Funnily enough, Leon Wieseltier wrote an article in 1994 called «Against Identity» that supports a few of the assertions Yuan makes in her article. My biggest issue is not with Yuan’s rejection of identity politics (which have indeed become more performance than praxis in many cases) but with her casual equivocation of queer identity with a futile reification of colonial patriarchy. Those are bold claims, which I do not thing she makes with sufficient backing argument. I think it would be possible to make such an argument, provided the scope were qualified, and identities’ material being/production was also addressed.
As Wieseltier wrote:
Private identity is an oxymoron. Identity is public; it is how one is known. Secret identity, by contrast, is entirely possible. It is not a reflection of inward realities, but of outward realities.” [emphasis added]

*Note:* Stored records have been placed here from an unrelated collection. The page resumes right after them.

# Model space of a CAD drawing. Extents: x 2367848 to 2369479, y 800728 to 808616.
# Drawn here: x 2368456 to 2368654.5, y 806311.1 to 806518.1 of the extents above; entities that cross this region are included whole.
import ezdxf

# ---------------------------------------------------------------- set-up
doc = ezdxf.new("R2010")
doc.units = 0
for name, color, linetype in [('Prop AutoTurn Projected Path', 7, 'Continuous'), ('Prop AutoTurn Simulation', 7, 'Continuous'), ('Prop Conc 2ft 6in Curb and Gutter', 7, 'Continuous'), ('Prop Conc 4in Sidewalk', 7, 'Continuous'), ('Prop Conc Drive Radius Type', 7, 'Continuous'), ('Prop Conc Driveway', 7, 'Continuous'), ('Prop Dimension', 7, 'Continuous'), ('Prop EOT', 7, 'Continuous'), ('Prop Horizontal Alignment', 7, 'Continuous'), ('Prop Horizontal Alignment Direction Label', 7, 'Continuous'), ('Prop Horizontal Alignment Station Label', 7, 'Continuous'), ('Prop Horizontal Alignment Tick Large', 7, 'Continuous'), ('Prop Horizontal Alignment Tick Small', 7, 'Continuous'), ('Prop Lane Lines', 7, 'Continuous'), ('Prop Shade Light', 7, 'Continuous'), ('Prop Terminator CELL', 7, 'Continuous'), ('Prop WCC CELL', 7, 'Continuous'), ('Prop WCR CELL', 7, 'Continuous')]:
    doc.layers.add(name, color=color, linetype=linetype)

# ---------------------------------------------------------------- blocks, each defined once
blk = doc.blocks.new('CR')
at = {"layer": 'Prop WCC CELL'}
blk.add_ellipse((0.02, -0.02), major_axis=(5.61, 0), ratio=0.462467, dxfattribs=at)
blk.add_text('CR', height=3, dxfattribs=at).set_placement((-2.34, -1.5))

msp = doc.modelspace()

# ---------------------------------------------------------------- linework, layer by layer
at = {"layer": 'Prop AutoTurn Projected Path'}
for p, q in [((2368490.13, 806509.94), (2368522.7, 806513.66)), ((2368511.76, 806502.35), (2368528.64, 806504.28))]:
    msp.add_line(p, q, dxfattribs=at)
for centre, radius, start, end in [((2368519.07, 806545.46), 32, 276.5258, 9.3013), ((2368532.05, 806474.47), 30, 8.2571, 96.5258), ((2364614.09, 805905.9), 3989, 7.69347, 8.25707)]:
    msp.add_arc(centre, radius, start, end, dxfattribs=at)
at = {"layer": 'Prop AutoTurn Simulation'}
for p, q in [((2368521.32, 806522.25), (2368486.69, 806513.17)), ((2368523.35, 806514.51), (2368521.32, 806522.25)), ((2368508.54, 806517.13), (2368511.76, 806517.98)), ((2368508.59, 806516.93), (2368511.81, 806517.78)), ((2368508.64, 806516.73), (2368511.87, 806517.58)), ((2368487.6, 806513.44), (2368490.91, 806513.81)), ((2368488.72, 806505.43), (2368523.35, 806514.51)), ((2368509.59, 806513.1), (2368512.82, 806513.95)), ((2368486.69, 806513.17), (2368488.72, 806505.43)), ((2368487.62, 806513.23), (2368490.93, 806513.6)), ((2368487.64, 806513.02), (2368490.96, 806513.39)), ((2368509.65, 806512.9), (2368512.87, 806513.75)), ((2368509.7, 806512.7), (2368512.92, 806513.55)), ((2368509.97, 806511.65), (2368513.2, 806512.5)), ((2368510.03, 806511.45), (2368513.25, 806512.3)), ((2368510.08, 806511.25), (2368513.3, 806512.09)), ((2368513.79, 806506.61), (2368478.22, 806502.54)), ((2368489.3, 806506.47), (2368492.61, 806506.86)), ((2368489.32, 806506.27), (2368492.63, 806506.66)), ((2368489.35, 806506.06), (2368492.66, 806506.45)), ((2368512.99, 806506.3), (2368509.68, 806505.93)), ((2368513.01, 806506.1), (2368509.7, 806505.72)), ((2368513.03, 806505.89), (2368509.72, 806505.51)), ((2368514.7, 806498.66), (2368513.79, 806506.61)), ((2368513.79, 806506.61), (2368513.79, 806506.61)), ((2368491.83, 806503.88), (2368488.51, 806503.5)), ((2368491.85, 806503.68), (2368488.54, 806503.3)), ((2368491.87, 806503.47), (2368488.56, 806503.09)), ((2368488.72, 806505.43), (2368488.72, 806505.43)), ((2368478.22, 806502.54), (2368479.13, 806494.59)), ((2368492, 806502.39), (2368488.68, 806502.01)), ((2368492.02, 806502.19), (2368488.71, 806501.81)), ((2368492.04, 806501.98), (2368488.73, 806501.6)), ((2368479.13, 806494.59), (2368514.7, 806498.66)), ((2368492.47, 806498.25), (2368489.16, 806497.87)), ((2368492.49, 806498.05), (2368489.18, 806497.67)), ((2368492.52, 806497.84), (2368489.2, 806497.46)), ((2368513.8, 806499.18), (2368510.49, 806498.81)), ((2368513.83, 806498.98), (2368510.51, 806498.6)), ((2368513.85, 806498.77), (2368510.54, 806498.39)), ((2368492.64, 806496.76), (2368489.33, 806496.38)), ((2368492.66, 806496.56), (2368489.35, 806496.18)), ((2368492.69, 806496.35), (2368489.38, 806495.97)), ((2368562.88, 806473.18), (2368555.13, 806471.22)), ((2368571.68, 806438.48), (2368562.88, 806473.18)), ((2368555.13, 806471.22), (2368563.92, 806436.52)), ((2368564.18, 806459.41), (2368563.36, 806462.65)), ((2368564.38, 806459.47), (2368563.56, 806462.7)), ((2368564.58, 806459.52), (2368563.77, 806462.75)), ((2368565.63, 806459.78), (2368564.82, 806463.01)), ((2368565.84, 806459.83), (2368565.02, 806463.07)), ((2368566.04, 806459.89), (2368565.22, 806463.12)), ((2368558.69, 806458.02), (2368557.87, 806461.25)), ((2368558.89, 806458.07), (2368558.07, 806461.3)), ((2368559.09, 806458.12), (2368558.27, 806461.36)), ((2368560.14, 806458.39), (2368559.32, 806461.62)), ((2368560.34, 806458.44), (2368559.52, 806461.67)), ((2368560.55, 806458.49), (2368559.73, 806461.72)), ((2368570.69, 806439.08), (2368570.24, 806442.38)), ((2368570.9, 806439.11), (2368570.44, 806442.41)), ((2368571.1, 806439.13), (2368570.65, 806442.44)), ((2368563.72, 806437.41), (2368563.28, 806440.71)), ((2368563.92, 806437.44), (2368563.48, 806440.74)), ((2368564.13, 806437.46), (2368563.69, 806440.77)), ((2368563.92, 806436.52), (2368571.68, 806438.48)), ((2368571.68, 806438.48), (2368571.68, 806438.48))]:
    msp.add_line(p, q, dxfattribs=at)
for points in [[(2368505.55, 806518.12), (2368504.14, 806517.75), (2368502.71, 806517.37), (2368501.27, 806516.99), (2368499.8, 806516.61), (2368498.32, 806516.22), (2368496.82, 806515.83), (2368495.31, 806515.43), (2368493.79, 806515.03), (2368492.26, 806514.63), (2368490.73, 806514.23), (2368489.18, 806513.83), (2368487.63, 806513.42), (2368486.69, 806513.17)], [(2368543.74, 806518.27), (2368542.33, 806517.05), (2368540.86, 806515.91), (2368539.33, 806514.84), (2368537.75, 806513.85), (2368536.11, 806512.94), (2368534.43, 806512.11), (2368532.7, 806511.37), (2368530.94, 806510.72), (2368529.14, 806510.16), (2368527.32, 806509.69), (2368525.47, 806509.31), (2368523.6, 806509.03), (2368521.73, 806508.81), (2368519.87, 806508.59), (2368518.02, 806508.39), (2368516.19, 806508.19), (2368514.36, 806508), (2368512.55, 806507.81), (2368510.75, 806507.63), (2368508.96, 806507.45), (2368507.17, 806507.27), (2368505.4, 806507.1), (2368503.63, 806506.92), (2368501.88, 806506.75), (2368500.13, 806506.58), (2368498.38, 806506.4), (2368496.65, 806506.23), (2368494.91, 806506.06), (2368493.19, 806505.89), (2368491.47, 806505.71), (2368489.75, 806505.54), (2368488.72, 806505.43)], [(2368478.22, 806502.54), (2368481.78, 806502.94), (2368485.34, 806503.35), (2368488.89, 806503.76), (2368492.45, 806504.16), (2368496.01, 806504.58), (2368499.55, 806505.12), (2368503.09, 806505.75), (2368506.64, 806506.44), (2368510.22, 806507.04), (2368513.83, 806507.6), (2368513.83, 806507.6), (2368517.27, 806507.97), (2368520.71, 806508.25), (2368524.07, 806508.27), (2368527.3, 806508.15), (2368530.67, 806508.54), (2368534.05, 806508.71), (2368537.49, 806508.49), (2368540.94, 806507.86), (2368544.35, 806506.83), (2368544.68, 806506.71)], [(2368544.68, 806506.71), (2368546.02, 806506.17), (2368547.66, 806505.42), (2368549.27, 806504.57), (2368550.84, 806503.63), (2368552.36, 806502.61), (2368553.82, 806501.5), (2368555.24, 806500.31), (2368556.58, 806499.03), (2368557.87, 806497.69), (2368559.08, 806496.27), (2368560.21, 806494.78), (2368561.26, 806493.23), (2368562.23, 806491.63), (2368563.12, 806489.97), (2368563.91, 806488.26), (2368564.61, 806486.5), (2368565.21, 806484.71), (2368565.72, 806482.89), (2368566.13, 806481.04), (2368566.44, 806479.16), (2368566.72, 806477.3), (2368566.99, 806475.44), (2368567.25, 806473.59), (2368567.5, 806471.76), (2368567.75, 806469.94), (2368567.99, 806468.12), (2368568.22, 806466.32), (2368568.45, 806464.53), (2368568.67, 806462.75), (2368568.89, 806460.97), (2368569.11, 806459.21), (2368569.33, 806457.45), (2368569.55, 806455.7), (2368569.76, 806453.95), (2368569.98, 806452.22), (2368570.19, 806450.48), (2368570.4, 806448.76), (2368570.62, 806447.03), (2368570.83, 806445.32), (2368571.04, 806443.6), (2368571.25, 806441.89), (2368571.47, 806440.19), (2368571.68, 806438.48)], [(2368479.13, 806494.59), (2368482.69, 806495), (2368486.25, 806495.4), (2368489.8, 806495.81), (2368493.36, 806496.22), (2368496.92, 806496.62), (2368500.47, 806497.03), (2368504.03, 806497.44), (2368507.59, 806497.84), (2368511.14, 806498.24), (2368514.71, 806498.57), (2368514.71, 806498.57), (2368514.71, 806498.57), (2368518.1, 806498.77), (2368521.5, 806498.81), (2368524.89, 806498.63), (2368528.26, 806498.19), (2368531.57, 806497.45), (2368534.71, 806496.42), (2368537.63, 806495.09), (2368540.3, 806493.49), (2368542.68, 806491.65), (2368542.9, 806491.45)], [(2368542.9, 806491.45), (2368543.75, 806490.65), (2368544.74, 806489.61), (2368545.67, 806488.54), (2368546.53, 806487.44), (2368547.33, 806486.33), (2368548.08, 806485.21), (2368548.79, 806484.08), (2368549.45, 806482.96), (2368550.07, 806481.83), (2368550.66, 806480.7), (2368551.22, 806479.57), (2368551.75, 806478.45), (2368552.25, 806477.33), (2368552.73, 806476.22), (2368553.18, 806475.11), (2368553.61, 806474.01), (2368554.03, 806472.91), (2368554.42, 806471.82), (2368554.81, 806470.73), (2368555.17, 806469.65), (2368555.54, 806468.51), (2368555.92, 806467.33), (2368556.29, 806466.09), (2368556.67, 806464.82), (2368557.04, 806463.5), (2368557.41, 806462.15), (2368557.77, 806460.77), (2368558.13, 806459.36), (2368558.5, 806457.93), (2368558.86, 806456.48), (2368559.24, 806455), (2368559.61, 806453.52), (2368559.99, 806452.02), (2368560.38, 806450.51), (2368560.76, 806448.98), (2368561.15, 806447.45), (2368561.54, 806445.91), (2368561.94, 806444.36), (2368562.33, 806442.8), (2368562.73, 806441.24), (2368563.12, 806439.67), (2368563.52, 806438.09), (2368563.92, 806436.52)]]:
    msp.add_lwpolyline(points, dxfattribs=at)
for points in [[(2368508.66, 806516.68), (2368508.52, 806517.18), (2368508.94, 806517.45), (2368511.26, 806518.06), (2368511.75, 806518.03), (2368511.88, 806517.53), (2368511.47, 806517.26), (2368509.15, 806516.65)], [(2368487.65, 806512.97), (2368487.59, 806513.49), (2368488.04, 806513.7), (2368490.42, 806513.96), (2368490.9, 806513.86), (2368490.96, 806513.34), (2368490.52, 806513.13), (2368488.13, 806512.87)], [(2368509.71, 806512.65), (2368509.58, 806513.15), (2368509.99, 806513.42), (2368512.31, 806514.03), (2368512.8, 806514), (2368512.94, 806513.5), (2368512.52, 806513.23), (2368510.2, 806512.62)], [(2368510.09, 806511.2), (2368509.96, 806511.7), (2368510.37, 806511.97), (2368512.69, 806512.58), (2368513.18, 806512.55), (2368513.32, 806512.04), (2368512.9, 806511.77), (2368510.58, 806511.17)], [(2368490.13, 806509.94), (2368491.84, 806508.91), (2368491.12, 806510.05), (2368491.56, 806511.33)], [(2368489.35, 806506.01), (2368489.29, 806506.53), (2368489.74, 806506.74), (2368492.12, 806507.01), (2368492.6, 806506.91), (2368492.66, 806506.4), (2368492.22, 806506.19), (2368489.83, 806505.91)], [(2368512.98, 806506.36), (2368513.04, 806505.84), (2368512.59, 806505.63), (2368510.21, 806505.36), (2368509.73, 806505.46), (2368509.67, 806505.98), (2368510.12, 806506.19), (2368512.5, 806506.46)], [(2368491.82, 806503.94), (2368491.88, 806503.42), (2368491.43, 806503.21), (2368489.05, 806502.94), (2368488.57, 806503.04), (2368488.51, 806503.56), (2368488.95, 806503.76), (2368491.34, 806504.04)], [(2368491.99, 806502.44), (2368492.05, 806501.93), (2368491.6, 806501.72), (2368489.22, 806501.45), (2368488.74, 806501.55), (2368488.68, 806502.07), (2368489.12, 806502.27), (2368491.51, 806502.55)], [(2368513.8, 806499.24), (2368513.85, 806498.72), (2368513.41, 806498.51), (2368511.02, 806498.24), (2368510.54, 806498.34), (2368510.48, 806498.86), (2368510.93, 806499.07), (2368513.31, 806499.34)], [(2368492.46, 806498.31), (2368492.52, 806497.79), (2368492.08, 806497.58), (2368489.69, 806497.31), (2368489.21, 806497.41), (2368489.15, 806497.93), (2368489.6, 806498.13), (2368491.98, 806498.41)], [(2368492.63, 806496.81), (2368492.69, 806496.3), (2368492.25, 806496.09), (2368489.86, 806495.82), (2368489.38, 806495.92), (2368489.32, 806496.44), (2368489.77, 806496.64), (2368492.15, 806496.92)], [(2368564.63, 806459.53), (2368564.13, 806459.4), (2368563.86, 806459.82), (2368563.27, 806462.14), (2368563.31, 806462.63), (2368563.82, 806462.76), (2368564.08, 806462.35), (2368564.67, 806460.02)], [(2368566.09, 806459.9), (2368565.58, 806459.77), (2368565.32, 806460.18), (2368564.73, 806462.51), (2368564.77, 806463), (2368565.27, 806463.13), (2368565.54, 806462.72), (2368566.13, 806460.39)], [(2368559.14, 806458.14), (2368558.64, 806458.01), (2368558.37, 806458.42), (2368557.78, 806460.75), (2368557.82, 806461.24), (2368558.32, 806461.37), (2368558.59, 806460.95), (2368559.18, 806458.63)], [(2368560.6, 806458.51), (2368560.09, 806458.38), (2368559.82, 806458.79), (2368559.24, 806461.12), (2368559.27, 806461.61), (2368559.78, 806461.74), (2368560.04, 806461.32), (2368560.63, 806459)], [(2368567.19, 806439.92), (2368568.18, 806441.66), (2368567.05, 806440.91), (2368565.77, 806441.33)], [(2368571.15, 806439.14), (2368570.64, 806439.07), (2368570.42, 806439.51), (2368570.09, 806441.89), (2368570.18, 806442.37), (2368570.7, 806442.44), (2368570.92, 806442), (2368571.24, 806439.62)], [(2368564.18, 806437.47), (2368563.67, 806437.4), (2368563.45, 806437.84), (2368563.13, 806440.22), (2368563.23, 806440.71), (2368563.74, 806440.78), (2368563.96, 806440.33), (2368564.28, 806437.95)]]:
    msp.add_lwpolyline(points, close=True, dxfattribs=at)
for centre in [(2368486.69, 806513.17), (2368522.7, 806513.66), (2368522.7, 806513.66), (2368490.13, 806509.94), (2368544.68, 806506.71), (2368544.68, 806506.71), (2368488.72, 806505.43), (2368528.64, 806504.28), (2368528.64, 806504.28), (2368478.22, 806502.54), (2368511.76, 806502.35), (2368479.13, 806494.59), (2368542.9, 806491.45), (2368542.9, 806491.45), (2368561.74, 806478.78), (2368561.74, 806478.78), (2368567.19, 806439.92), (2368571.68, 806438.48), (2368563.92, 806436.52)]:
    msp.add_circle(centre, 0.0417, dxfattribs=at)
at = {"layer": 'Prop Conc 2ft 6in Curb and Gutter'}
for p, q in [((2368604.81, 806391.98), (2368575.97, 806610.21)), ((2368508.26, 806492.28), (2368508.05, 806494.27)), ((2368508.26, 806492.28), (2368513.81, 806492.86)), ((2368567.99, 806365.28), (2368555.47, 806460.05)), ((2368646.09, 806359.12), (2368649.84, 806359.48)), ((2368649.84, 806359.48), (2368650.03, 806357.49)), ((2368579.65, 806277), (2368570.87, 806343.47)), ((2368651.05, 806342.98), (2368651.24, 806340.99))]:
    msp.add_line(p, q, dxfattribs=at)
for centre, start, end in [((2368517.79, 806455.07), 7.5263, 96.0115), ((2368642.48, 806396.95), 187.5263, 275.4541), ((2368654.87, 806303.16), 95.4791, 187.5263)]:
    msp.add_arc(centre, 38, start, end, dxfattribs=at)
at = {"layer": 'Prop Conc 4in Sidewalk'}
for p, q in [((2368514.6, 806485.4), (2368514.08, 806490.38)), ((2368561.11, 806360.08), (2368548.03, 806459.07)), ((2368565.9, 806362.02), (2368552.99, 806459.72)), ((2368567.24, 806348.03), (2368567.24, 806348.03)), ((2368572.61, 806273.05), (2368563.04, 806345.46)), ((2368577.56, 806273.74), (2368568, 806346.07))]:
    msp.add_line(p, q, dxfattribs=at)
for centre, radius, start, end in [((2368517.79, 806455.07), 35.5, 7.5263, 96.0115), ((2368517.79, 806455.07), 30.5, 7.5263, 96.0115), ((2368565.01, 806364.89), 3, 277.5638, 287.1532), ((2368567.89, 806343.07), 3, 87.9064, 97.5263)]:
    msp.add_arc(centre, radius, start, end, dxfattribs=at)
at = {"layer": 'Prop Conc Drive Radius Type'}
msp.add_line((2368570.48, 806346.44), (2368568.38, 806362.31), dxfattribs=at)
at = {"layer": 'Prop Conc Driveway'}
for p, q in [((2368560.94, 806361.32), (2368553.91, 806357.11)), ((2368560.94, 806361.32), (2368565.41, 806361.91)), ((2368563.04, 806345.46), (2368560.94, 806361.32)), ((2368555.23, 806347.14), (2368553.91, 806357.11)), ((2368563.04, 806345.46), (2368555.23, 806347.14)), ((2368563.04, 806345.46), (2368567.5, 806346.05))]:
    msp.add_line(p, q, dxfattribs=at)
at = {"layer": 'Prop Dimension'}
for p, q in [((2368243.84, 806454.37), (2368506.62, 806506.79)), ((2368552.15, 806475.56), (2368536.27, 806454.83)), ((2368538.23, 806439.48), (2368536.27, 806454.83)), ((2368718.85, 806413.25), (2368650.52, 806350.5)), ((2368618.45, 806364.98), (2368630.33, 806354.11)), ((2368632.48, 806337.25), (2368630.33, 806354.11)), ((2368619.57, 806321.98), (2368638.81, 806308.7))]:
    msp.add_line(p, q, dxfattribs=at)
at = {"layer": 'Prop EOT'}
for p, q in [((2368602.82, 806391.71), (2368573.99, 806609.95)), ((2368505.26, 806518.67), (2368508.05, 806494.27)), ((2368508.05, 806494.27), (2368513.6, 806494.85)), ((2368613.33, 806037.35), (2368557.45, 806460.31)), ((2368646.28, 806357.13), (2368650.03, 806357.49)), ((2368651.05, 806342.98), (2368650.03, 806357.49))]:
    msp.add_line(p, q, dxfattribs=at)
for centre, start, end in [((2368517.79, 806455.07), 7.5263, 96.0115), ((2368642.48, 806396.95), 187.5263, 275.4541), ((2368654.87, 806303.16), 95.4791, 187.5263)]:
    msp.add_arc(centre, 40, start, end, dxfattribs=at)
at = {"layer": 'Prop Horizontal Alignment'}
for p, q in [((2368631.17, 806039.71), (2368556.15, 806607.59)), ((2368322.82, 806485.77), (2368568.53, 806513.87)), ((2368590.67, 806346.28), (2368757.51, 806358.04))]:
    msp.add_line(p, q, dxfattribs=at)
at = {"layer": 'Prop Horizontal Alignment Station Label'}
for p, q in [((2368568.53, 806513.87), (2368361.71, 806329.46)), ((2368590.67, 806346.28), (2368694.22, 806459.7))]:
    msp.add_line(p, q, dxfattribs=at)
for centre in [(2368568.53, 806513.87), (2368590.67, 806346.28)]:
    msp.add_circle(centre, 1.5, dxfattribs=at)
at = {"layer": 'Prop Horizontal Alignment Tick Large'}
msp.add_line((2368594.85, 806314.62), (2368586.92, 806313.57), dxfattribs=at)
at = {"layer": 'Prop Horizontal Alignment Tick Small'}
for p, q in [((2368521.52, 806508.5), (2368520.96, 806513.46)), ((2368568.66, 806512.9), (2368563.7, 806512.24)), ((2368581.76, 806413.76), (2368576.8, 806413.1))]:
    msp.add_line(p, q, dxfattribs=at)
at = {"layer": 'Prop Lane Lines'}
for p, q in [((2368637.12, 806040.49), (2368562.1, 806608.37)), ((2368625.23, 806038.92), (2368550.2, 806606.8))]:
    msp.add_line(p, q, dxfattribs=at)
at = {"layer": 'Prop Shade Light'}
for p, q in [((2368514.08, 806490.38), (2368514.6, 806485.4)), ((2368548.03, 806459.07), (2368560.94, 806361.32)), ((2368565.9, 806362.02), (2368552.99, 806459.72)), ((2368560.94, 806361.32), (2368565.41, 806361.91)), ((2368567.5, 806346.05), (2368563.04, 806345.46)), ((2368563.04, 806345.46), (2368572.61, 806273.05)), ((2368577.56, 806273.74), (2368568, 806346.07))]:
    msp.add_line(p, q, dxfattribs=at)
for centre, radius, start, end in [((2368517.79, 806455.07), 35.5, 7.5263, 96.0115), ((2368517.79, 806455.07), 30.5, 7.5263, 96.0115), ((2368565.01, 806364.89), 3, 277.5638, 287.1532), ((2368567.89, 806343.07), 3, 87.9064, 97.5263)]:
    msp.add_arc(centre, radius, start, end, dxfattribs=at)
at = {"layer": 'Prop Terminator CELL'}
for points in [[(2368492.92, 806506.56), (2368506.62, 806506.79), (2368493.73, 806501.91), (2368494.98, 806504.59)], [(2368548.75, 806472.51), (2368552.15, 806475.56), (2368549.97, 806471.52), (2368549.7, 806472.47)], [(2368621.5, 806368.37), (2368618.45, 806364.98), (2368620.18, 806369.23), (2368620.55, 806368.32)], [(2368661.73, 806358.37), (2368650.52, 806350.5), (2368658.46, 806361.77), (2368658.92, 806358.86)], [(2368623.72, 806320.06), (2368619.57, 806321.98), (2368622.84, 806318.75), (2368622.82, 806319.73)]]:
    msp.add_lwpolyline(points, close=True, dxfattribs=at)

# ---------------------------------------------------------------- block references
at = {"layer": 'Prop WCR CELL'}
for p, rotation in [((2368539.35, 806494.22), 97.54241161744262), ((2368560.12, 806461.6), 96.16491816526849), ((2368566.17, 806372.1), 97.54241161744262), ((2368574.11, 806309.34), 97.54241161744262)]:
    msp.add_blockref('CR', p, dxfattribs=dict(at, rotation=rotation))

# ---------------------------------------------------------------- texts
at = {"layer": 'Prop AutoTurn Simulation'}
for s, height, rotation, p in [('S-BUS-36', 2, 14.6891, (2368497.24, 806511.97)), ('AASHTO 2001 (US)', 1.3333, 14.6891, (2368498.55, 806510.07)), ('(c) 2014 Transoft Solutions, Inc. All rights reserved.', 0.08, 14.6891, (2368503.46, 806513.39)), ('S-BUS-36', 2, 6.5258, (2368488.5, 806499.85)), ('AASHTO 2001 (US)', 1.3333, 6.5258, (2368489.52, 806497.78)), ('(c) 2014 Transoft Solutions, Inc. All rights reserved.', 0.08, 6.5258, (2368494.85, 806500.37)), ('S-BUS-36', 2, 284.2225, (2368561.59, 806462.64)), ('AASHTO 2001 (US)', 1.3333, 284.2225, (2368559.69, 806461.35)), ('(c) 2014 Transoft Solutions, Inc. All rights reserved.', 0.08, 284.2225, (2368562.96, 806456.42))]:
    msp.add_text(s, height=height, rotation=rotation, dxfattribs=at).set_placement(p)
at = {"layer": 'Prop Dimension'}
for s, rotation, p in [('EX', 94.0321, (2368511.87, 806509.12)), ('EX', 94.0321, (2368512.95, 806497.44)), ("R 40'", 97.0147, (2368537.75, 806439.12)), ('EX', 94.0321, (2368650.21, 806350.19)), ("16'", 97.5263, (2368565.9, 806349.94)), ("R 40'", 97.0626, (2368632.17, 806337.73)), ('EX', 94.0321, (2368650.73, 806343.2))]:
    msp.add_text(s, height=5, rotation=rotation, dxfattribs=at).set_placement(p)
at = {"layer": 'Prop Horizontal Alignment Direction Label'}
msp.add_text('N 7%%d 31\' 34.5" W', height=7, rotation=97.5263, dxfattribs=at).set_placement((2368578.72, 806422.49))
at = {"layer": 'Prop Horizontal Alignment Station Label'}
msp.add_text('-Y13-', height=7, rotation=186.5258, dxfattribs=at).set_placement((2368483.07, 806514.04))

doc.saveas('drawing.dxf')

Where “queer” may be taken up indulgently by modern US university students (who I am convinced are the unacknowledged target of Yuan’s argument), it is also a public identity. There are risks to appearing too “mixed” in gender presentation. There is a risk for bodies read as male in painting their nails: violence at the hands of other men. This is a material fact, an intrusion of the world into the imagined-private world of identity.
Radical Potential
I agree with the author that calling oneself “queer” is not enough to enact the necessary change that the world needs to see. Yuan has many good points, and I like her writing. Where I disagree with her, however, is in the equivocation of queerness with whiteness, and the dismissal of pride in producing radical change. We will not abolish gender by complaining that «The Second Sex» by Beauvoir is too caught up in a traditional gender binary. But we can remove the material imbalances that the immaterial assignation of gender creates, through things like the Equal Rights Act or gender discrimination laws.
We can argue for the innate humanity of everyone, regardless of their status in historically-inherited binaries (or spectra, as with US racial imaginaries). This does not mean that we accept the logics of oppression, even if it may in theory seem to reify those logics. The future is pluripotent, but it is not free from history any more than we are; we cannot will oppression away without addressing the material and discursive systems that support it.
I would love to live in a world where every being’s innate worth were recognized, but never where “human” was the only identity. A single possibility, even one so nebulously broad as “human,” is still a rather strict limit on our vast potential. Cultures are nearly infinitely fractal: subcultures within subcultures within subcultures. For any group of interest-bound (or otherwise historically tied) humans, there are ever-smaller denominations that splinter within. It’s not even antagonistic: it’s the beauty of our individual humanity. Resolving individuality may remove friction (violence, domination), but I do not think it is either a practical or humane way to do so.
A “true individual” would be a roundish grey lump. A being with zero categorizeable traits or identities could, by definition, resemble nothing that currently exists. The flip side of that ridiculous proposition are beings who are infinitely named, placed: the fully meta-data tagged individual, who can never change because the labels are perfectly generated.
There is potential in claiming labels for oneself, for the labels come with a long and heavy history. But their future is up to those who wield it, who reclaim and shape its use and materiality, forging ahead.
Further Reading
- Linda Martín Alcoff «The Future of Whiteness»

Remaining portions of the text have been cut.